We point out that for the vignette test we used, no further test-theoretical quality criteria were available besides the reported reliability coefficients. Due to our specific subject-matter education context in which assessment skills were measured, we could not resort to fitting instruments with proven reliability and validity. In principle, however, the assessment of teachers’ professional skills using video vignettes has proven successful many times (Hoppe, Renkl, Seidel, et al., 2020; Kersting, 2008; Schneider et al., 2016). Nevertheless, further studies should further investigate the validity of vignette-based assessment of preservice teachers’ assessment skills in specific subject areas. Also, we recognize the significance of teachers’ instructional decision-making subsequent to the assessment of student thinking. Blömeke et al. (2015) integrated teachers’ decision-making into their competence model. We suggest that this model can guide further studies. Future research may investigate, for example, how preservice teachers can be supported in recomposing assessment of student thinking and instructional decision-making when enacting more complete practices of formative assessment (Grossman et al., 2009).
Conclusion
First, the study provides conceptual value because it outlines how on-the-fly assessment of student thinking about science can be promoted in preservice teachers through rehearsing category-based assessment of student thinking using video and written cases as representations of practice. Second, the study provides insight into how specifics of practice-based learning environments may be designed to effectively foster preservice teachers’ on-the-fly assessment skills. Generally, teacher trainings using written and video cases as representations of practice, which provide participants with the opportunity to rehearse the assessment of student thinking, is effective. Written and video cases both serve as suitable representations of practice.
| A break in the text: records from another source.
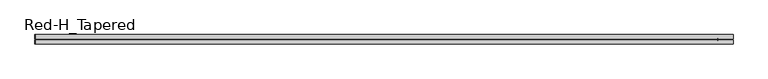
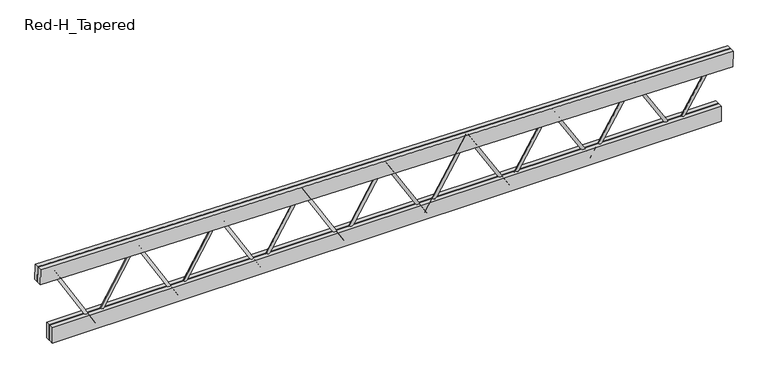
"""IFC4 building model written with IfcOpenShell, lengths in millimetres: beam geometry, Construction_Frames_RedBuilt_Openweb_Red-H_Tapered : Red-H_Tapered."""

from ifc_helpers import new_model, si_unit, point, frame, origin, origin_2d, place, context, project, spatial, polyline, circle_curve, trimmed, segment, composite_curve, outline, extrude, source, transform, mapped, element, save


def red_h_tapered_d62e6985(model_context):
    return source(origin(), model_context, "Body", "SweptSolid", [
        extrude(outline(composite_curve([segment(trimmed(circle_curve(origin_2d(), 12.7), [point((0.0, 12.7000001))], [point((0.0, -12.6999999))], False, "CARTESIAN"), True, "CONTINUOUS"), segment(trimmed(circle_curve(origin_2d(), 12.7), [point((0.0, -12.6999999))], [point((0.0, 12.7000001))], False, "CARTESIAN"), True, "CONTINUOUS")], self_intersect=False)), frame((2528.0870801, 0.0, -367.0101562), z_axis=(0.5258362965006711, 0.0, 0.8505857918413982), x_axis=(0.0, -1.0, 0.0)), (0.0, 0.0, 1.0), 686.8207835),
        extrude(outline(composite_curve([segment(trimmed(circle_curve(origin_2d(), 12.7), [point((0.0, -12.7))], [point((0.0, 12.7))], False, "CARTESIAN"), True, "CONTINUOUS"), segment(trimmed(circle_curve(origin_2d(), 12.7), [point((0.0, 12.7))], [point((0.0, -12.7))], False, "CARTESIAN"), True, "CONTINUOUS")], self_intersect=False)), frame((2528.0870801, 0.0, -367.0101562), z_axis=(-0.5232628307929019, 0.0, 0.8521713500878794), x_axis=(0.0, -1.0, 0.0)), (0.0, 0.0, 1.0), 690.1986457),
        extrude(outline(composite_curve([segment(trimmed(circle_curve(origin_2d(), 12.7), [point((0.0, 12.7000001))], [point((0.0, -12.6999999))], False, "CARTESIAN"), True, "CONTINUOUS"), segment(trimmed(circle_curve(origin_2d(), 12.7), [point((0.0, -12.6999999))], [point((0.0, 12.7000001))], False, "CARTESIAN"), True, "CONTINUOUS")], self_intersect=False)), frame((1805.7764858, 0.0, -367.0101562), z_axis=(0.5232628307929034, 0.0, 0.8521713500878785), x_axis=(0.0, -1.0, 0.0)), (0.0, 0.0, 1.0), 690.1986457),
        extrude(outline(composite_curve([segment(trimmed(circle_curve(origin_2d(), 12.7), [point((0.0, -12.7000001))], [point((0.0, 12.7))], False, "CARTESIAN"), True, "CONTINUOUS"), segment(trimmed(circle_curve(origin_2d(), 12.7), [point((0.0, 12.7))], [point((0.0, -12.7000001))], False, "CARTESIAN"), True, "CONTINUOUS")], self_intersect=False)), frame((1805.7764858, 0.0, -367.0101562), z_axis=(-0.5207097434413256, 0.0, 0.8537337776410565), x_axis=(0.0, -1.0, 0.0)), (0.0, 0.0, 1.0), 693.5827526),
        extrude(outline(composite_curve([segment(trimmed(circle_curve(origin_2d(), 12.7), [point((0.0, 12.7000001))], [point((0.0, -12.7))], False, "CARTESIAN"), True, "CONTINUOUS"), segment(trimmed(circle_curve(origin_2d(), 12.7), [point((0.0, -12.7))], [point((0.0, 12.7000001))], False, "CARTESIAN"), True, "CONTINUOUS")], self_intersect=False)), frame((1083.4658915, 0.0, -367.0101562), z_axis=(0.5207097434413247, 0.0, 0.8537337776410572), x_axis=(0.0, -1.0, 0.0)), (0.0, 0.0, 1.0), 693.5827526),
        extrude(outline(composite_curve([segment(trimmed(circle_curve(origin_2d(), 12.7), [point((0.0, -12.7))], [point((0.0, 12.6999999))], False, "CARTESIAN"), True, "CONTINUOUS"), segment(trimmed(circle_curve(origin_2d(), 12.7), [point((0.0, 12.6999999))], [point((0.0, -12.7))], False, "CARTESIAN"), True, "CONTINUOUS")], self_intersect=False)), frame((1083.4658915, 0.0, -367.0101562), z_axis=(-0.5181768738610981, 0.0, 0.8552734810547675), x_axis=(0.0, -1.0, 0.0)), (0.0, 0.0, 1.0), 696.9730132),
        extrude(outline(composite_curve([segment(trimmed(circle_curve(origin_2d(), 12.7), [point((0.0, 12.7))], [point((0.0, -12.6999999))], False, "CARTESIAN"), True, "CONTINUOUS"), segment(trimmed(circle_curve(origin_2d(), 12.7), [point((0.0, -12.6999999))], [point((0.0, 12.7))], False, "CARTESIAN"), True, "CONTINUOUS")], self_intersect=False)), frame((361.1552972, 0.0, -367.0101562), z_axis=(0.5181768738610981, 0.0, 0.8552734810547675), x_axis=(0.0, -1.0, 0.0)), (0.0, 0.0, 1.0), 696.9730132),
        extrude(outline(composite_curve([segment(trimmed(circle_curve(origin_2d(), 12.7), [point((0.0, -12.7))], [point((0.0, 12.7))], False, "CARTESIAN"), True, "CONTINUOUS"), segment(trimmed(circle_curve(origin_2d(), 12.7), [point((0.0, 12.7))], [point((0.0, -12.7))], False, "CARTESIAN"), True, "CONTINUOUS")], self_intersect=False)), frame((361.1552972, 0.0, -367.0101562), z_axis=(-0.5156640610107673, 0.0, 0.8567908590676512), x_axis=(0.0, -1.0, 0.0)), (0.0, 0.0, 1.0), 700.3693382),
        extrude(outline(composite_curve([segment(trimmed(circle_curve(origin_2d(), 12.7), [point((0.0, -12.7))], [point((0.0, 12.7))], False, "CARTESIAN"), True, "CONTINUOUS"), segment(trimmed(circle_curve(origin_2d(), 12.7), [point((0.0, 12.7))], [point((0.0, -12.7))], False, "CARTESIAN"), True, "CONTINUOUS")], self_intersect=False)), frame((-361.1552972, 0.0, -367.0101562), z_axis=(0.5156640610107361, 0.0, 0.8567908590676699), x_axis=(0.0, -1.0, 0.0)), (0.0, 0.0, 1.0), 700.3693382),
        extrude(outline(composite_curve([segment(trimmed(circle_curve(origin_2d(), 12.7), [point((0.0, 12.7))], [point((0.0, -12.7))], False, "CARTESIAN"), True, "CONTINUOUS"), segment(trimmed(circle_curve(origin_2d(), 12.7), [point((0.0, -12.7))], [point((0.0, 12.7))], False, "CARTESIAN"), True, "CONTINUOUS")], self_intersect=False)), frame((-361.1552972, 0.0, -367.0101562), z_axis=(-0.5131711434938878, 0.0, 0.8582863027482005), x_axis=(0.0, -1.0, 0.0)), (0.0, 0.0, 1.0), 703.7716398),
        extrude(outline(composite_curve([segment(trimmed(circle_curve(origin_2d(), 12.7), [point((0.0, -12.6999999))], [point((0.0, 12.7000001))], False, "CARTESIAN"), True, "CONTINUOUS"), segment(trimmed(circle_curve(origin_2d(), 12.7), [point((0.0, 12.7000001))], [point((0.0, -12.6999999))], False, "CARTESIAN"), True, "CONTINUOUS")], self_intersect=False)), frame((-1083.4658915, 0.0, -367.0101562), z_axis=(0.5131711434938859, 0.0, 0.8582863027482016), x_axis=(0.0, -1.0, 0.0)), (0.0, 0.0, 1.0), 703.7716398),
        extrude(outline(composite_curve([segment(trimmed(circle_curve(origin_2d(), 12.7), [point((0.0, 12.7))], [point((0.0, -12.7))], False, "CARTESIAN"), True, "CONTINUOUS"), segment(trimmed(circle_curve(origin_2d(), 12.7), [point((0.0, -12.7))], [point((0.0, 12.7))], False, "CARTESIAN"), True, "CONTINUOUS")], self_intersect=False)), frame((-1083.4658915, 0.0, -367.0101562), z_axis=(-0.5106979596558443, 0.0, 0.8597601956379219), x_axis=(0.0, -1.0, 0.0)), (0.0, 0.0, 1.0), 707.1798317),
        extrude(outline(composite_curve([segment(trimmed(circle_curve(origin_2d(), 12.7), [point((0.0, -12.7))], [point((0.0, 12.7))], False, "CARTESIAN"), True, "CONTINUOUS"), segment(trimmed(circle_curve(origin_2d(), 12.7), [point((0.0, 12.7))], [point((0.0, -12.7))], False, "CARTESIAN"), True, "CONTINUOUS")], self_intersect=False)), frame((-1805.7764858, 0.0, -367.0101562), z_axis=(0.5106979596558576, 0.0, 0.859760195637914), x_axis=(0.0, -1.0, 0.0)), (0.0, 0.0, 1.0), 707.1798317),
        extrude(outline(composite_curve([segment(trimmed(circle_curve(origin_2d(), 12.7), [point((0.0, 12.7))], [point((0.0, -12.7))], False, "CARTESIAN"), True, "CONTINUOUS"), segment(trimmed(circle_curve(origin_2d(), 12.7), [point((0.0, -12.7))], [point((0.0, 12.7))], False, "CARTESIAN"), True, "CONTINUOUS")], self_intersect=False)), frame((-1805.7764858, 0.0, -367.0101562), z_axis=(-0.5082443476755641, 0.0, 0.8612129138928656), x_axis=(0.0, -1.0, 0.0)), (0.0, 0.0, 1.0), 710.5938292),
        extrude(outline(composite_curve([segment(trimmed(circle_curve(origin_2d(), 12.7), [point((0.0, -12.7000001))], [point((0.0, 12.7))], False, "CARTESIAN"), True, "CONTINUOUS"), segment(trimmed(circle_curve(origin_2d(), 12.7), [point((0.0, 12.7))], [point((0.0, -12.7000001))], False, "CARTESIAN"), True, "CONTINUOUS")], self_intersect=False)), frame((-2528.0870801, 0.0, -367.0101562), z_axis=(0.5082443476755543, 0.0, 0.8612129138928715), x_axis=(0.0, -1.0, 0.0)), (0.0, 0.0, 1.0), 710.5938292),
        extrude(outline(composite_curve([segment(trimmed(circle_curve(origin_2d(), 12.7), [point((0.0, 12.6999999))], [point((0.0, -12.7))], False, "CARTESIAN"), True, "CONTINUOUS"), segment(trimmed(circle_curve(origin_2d(), 12.7), [point((0.0, -12.7))], [point((0.0, 12.6999999))], False, "CARTESIAN"), True, "CONTINUOUS")], self_intersect=False)), frame((-2528.0870801, 0.0, -367.0101562), z_axis=(-0.505810145652781, 0.0, 0.8626448264231997), x_axis=(0.0, -1.0, 0.0)), (0.0, 0.0, 1.0), 714.0135489),
        extrude(outline(polyline([(-2914.6423773, -41.275), (-2914.6423773, -3.175), (2914.6423773, -3.175), (2914.6423773, -41.275), (-2914.6423773, -41.275)])), frame((0.0, 0.0, -386.0601562), z_axis=(0.0, 0.0, 1.0), x_axis=(1.0, 0.0, 0.0)), (0.0, 0.0, 1.0), 139.7),
        extrude(outline(polyline([(-2914.6423773, 3.175), (-2914.6423773, 41.275), (2914.6423773, 41.275), (2914.6423773, 3.175), (-2914.6423773, 3.175)])), frame((0.0, 0.0, -386.0601562), z_axis=(0.0, 0.0, 1.0), x_axis=(1.0, 0.0, 0.0)), (0.0, 0.0, 1.0), 139.7),
        extrude(outline(polyline([(0.0, -38.1), (0.0, 0.0), (6033.340275, 0.0), (6033.340275, -38.1), (0.0, -38.1)])), frame((-3018.5948917, -3.175, 185.459653), z_axis=(0.016839759630315046, 0.0, 0.999858201194346), x_axis=(0.999858201194346, 0.0, -0.016839759630315046)), (0.0, 0.0, 1.0), 139.7),
        extrude(outline(polyline([(0.0, -38.1), (0.0, 0.0), (6033.340275, 0.0), (6033.340275, -38.1), (0.0, -38.1)])), frame((-3018.5948917, 41.275, 185.459653), z_axis=(0.016839759630315046, 0.0, 0.999858201194346), x_axis=(0.999858201194346, 0.0, -0.016839759630315046)), (0.0, 0.0, 1.0), 139.7),
    ])


if __name__ == "__main__":
    model = new_model("IFC4")
    model_context = context("Model", 3, world=origin())
    ifc_project = project(units=[si_unit("LENGTHUNIT", "METRE", prefix="MILLI")], contexts=[model_context])
    site = spatial("IfcSite", under=ifc_project)
    building = spatial("IfcBuilding", under=site)
    placement = place(None, origin())
    red_h_tapered_shape = red_h_tapered_d62e6985(model_context)
    element("IfcBeam", 1, ObjectType="Construction_Frames_RedBuilt_Openweb_Red-H_Tapered : Red-H_Tapered", at=placement, inside=building, context=model_context, shape_type="MappedRepresentation", body=[
        mapped(red_h_tapered_shape, transform((0.0, 0.0, 0.0), x_axis=(1.0, 0.0, 0.0), y_axis=(0.0, 1.0, 0.0), z_axis=(0.0, 0.0, 1.0))),
    ])
    save(model, "model.ifc")

# Revit data of these elements
# Type "Construction_Frames_RedBuilt_Openweb_Red-H_Tapered : Red-H_Tapered"
#   Youtube clip = ""
#   Weight Net (Kg) = "0"
#   Webs = "Up to 2\" diameter tubular steel"
#   Uniformat II Description = ""
#   Uniformat II Code = ""
#   Uniclass 2015 Name = "Softwood trusses"
#   Uniclass 2015 Code = "Pr_20_85_90_81"
#   Uniclass 2.0 Description = "Structural Framing Systems"
#   Uniclass 2.0 Code = "SS-15-10-75"
#   Uniclass 1.4 Description = "Trusses"
#   Uniclass 1.4 Code = "L3523"
#   UNSPSC Code = "30103606"
#   Technical description = "http://www.redbuilt.com/reference/literature-and-other-resources"
#   Region South America = "None"
#   Region Oceania = "None"
#   Region North America = "US"
#   Region Middle East = "None"
#   Region Europe = "None"
#   Region Asia = "None"
#   Region Antarctica = "None"
#   Region Africa = "None"
#   QR code = "http://bimobject.com/redbuilt/product/redbuilt-0003"
#   Product url = "http://www.redbuilt.com/products/default.aspx?id=2"
#   Product group = "Wood Trusses"
#   Product family = "Construction"
#   Product data url = "https://bimobject.com/redbuilt/product/redbuilt-0003"
#   Product certification = ""
#   Product SKU = "redbuilt-0003"
#   Product Page URL = "http://www.redbuilt.com/commercial-systems/red-m-red-h-open-web-trusses"
#   Product Guid = "2c5793f2-6ffb-4665-b825-cf90c048e711"
#   Product Documentation Link = "http://www.redbuilt.com/documents/OW_Guide_2017_07_LowRes_wLinks.pdf"
#   OmniClass Description = "Wood Trusses"
#   OmniClass Code = "23-13 35 19 13 17"
#   NBS Reference Description = ""
#   NBS Reference Code = ""
#   Material secondary = "Steel"
#   Material main = "CHARRED WOOD"
#   Masterformat 2014 Description = "Metal-Web Wood Joists"
#   Masterformat 2014 Code = "06 17 36"
#   Manufacturer name = "RedBuilt"
#   Manufacturer country = "United States"
#   Installation instructions = "http://www.redbuilt.com/documents/Installation_Sheets_Open-Web.pdf"
#   IFC Classification = ""
#   EAN code = ""
#   Design country = "United States"
#   Product Information = "http://redbuilt.com/products/default.aspx?id=2"
#   Model = "Red-H-Tapered"
#   Manufacturer URL = "http://redbuilt.com/"
#   Manufacturer = "RedBuilt™"
#   Description = "Open Web Truss"
#   Date of publishing = "8/17/2010"
#   Contact us = "http://redbuilt.com/contact/"
#   Chords = "Double 1½\" x 5½\" MSR lumber"
#   COBIe Type Category = ""
#   Brand url = "http://www.redbuilt.com"
#   BIMobject main category code = "construction"
#   BIMobject main category = "Construction"
#   BIMobject category code = "construction-frames-trusses"
#   BIMobject category = "Frames & Trusses"
#   Web Radius = 0' - 0 1/2"
#   Web Layout Offset Start [instance default] = 0' - 5"
#   Web Layout Offset End [instance default] = 0' - 5"
#   Web Diameter = 0' - 1"
#   TotalLength [instance default] = 20' - 0"
#   Span Minimum = 4' - 0"
#   Span Maximum = 70' - 0"
#   Span Limit [instance default] = 20' - 0"
#   Nominal width = 0' - 0"
#   Nominal height = 0' - 0"
#   Inner Depth Top [instance default] = 0' - 2.76372"
#   Depth Start [instance default] = 6' - 0"
#   Top Chord Length [instance default] = 20' - 1.19701"
#   TC Extension Start Aux [instance default] = 0' - 0"
#   TC Extension End Aux [instance default] = 0' - 0"
#   T-B Chord Length Difference L [instance default] = 0' - 4"
#   T-B Chord Length Difference [instance default] = 0' - 4"
#   Height 2 [instance default] = 6' - 0"
#   Depth Minimum at Wall = 2' - 0"
#   Depth Maximum at Wall = 6' - 0"
#   Depth Lower End [instance default] = 2' - 0"
#   Depth Higher End [instance default] = 6' - 0"
#   Depth End [instance default] = 2' - 0"
#   Depth 2 [instance default] = 2' - 0"
#   Chord Width = 0' - 3 1/4"
#   Chord Thickness = 0' - 1 1/2"
#   Chord Depth = 0' - 5 1/2"
#   Offset Start [instance default] = 0' - 0"
#   TC Extension Start [instance default] = 0' - 0"
#   End Panel = 0' - 5"
#   Offset End [instance default] = 0' - 0"
#   TC Extension End [instance default] = 0' - 0"
#   Length [instance default] = 20' - 0"
#   Angle [instance default] = 5.71059°
#   Span Limit Warning [instance default] = no
#   Edition number = 1
#   Top Bearing Start [instance default] = yes
#   Top Bearing End [instance default] = yes
#   Bottom Bearing Start [instance default] = no
#   Bottom Bearing End [instance default] = no
#   8 Panels [instance default] = yes
#   16 Panels [instance default] = no
#   12 Panels [instance default] = no
#   Web Material = RedBuilt-Steel, Galvanized
#   Clip Material = RedBuilt-Steel, Galvanized
#   Chords Material = WOOD-OAKFIRE
#   URL = ""
#   Assembly Code = ""
# Element 1 (IfcBeam, "Construction_Frames_RedBuilt_Openweb_Red-H_Tapered : Red-H_Tapered")
#   TotalLength = 19' - 9.4994"
#   Span Limit = 19' - 9.4994"
#   Inner Depth Top = 0' - 2.75039"
#   Depth Start = 5' - 0"
#   Top Chord Length = 19' - 9.53308"
#   Height 2 = 5' - 0"
#   Depth Higher End = 5' - 0"
#   Depth 2 = 0' - 4"
#   Angle = 0.964893°
#   Materials on its faces: "RedBuilt-Steel, Galvanized", "WOOD-OAKFIRE"
# Materials
#   "RedBuilt-Steel, Galvanized": class "Metal", colour RGB 164 172 176, transparency 0, Manufacturer = "RedBuilt. LLC", Comments = "Openweb Metal Web", URL = "http://www.redbuilt.com/", Description = "Galvanized steel", Cost = 0
#   "WOOD-OAKFIRE": class "Wood", colour RGB 198 202 183, transparency 0, Description = "Generic wood", Cost = 0

The conceptual complexity of the target content to be assessed, however, needs to be considered. Although a single rehearsal is effective for assessing less complex student conceptions, more complex content requires more practice. Given that the acquisition of assessment skills in student conceptions appears to be largely content-specific, participants always benefit from further rehearsals when a different content is presented. When sequences of rehearsals are being planned, different variations of media type (video or written cases) and content appear to have unique benefits in enhancing participants’ assessment skills. Analyses of participants’ immersion reveal a possible interaction between content complexity and media type on participants’ engagement. We suggest considering a progression in the complexity of media type or content complexity when planning sequences of rehearsals.